This paper introduces a generative 3D video conferencing system using pre-trained Neural Radiance Field (NeRF) models for high-fidelity 3D head reconstruction and real-time rendering.

Abstract

Video conferencing, is the most demanding form of video communication in terms of real-time requirements and it remains a challenge to maintain quality in weak network conditions. Traditional block-based encoding video conferencing systems can experience freezing and significant degradation when bandwidth is extremely low or network conditions deteriorate suddenly. Recent advancements in 3D facial representation offer novel promising solutions for video conferencing under weak network conditions. This paper introduces a generative 3D video conferencing system using pre-trained Neural Radiance Field (NeRF) models for high-fidelity 3D head reconstruction and real-time rendering. Clients extract and encode facial parameters for transmission, while simultaneously receiving and decoding parameters from peers to generate visuals.
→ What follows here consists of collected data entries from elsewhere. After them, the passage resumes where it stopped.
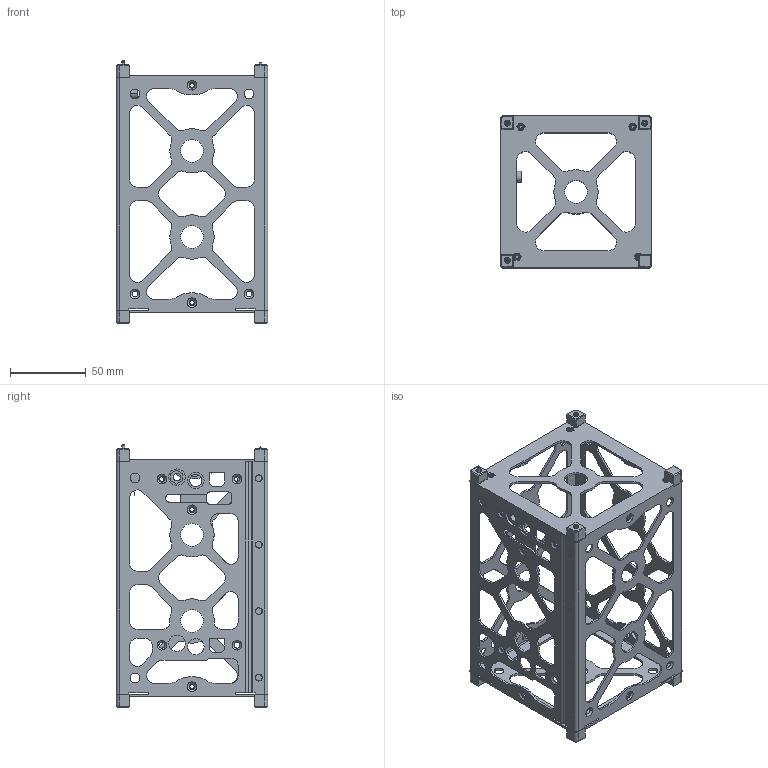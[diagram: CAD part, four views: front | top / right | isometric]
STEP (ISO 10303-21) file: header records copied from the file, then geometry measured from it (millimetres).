
FILE_DESCRIPTION (( 'STEP AP214' ), '1' );
FILE_NAME ('CSK_1.5U_Chassis_Skeleton_RevD.STEP', '2008-10-08T07:14:39', ( ' ' ), ( ' ' ), 'SwSTEP 2.0', 'SolidWorks 2005339', '' );
FILE_SCHEMA (( 'AUTOMOTIVE_DESIGN' ));
Length unit declared in the file: inch
Products named in the file (1): CSK_1.5U_Chassis_Skeleton_RevD
Bounding box: 100 x 100 x 172.79 mm (x, y, z)
Volume: 67455.6 mm3; surface area: 104768.9 mm2
Topology: 1 solids, 1 shells, 1820 faces, 4764 edges, 2982 vertices
Faces by surface type: plane 768, cylinder 672, cone 328, torus 36, sphere 16
Entity records: 65290 total; most frequent: DIRECTION 10228, CARTESIAN_POINT 9912, ORIENTED_EDGE 9520, EDGE_CURVE 4760, AXIS2_PLACEMENT_3D 3726, VERTEX_POINT 2982, LINE 2776, VECTOR 2776

Our system maintains good video quality at bit-rates under 5kbps, with objective and subjective quality comparable to HEVC encoders at 18kbps and 50kbps, respectively. By integrating real-time face tracking of facial parameters, Real-Time Communication (RTC), and real-time volumetric video rendering, our system enhances the potential for 3D video conferencing collaboration. A live demonstration showcases the significant innovation of the system, promising to forge a new paradigm for video conferencing in the context of future spatial computing.

Introduction

According to the latest report from Cisco, video traffic accounted for 82% of internet traffic in 2022 [32]. As a crucial form of video communication, video conferencing demands high real-time performance, necessitating a lightweight overall system and strong network adaptability. Meeting these requirements continues to pose a challenge to both the academic and industrial communities.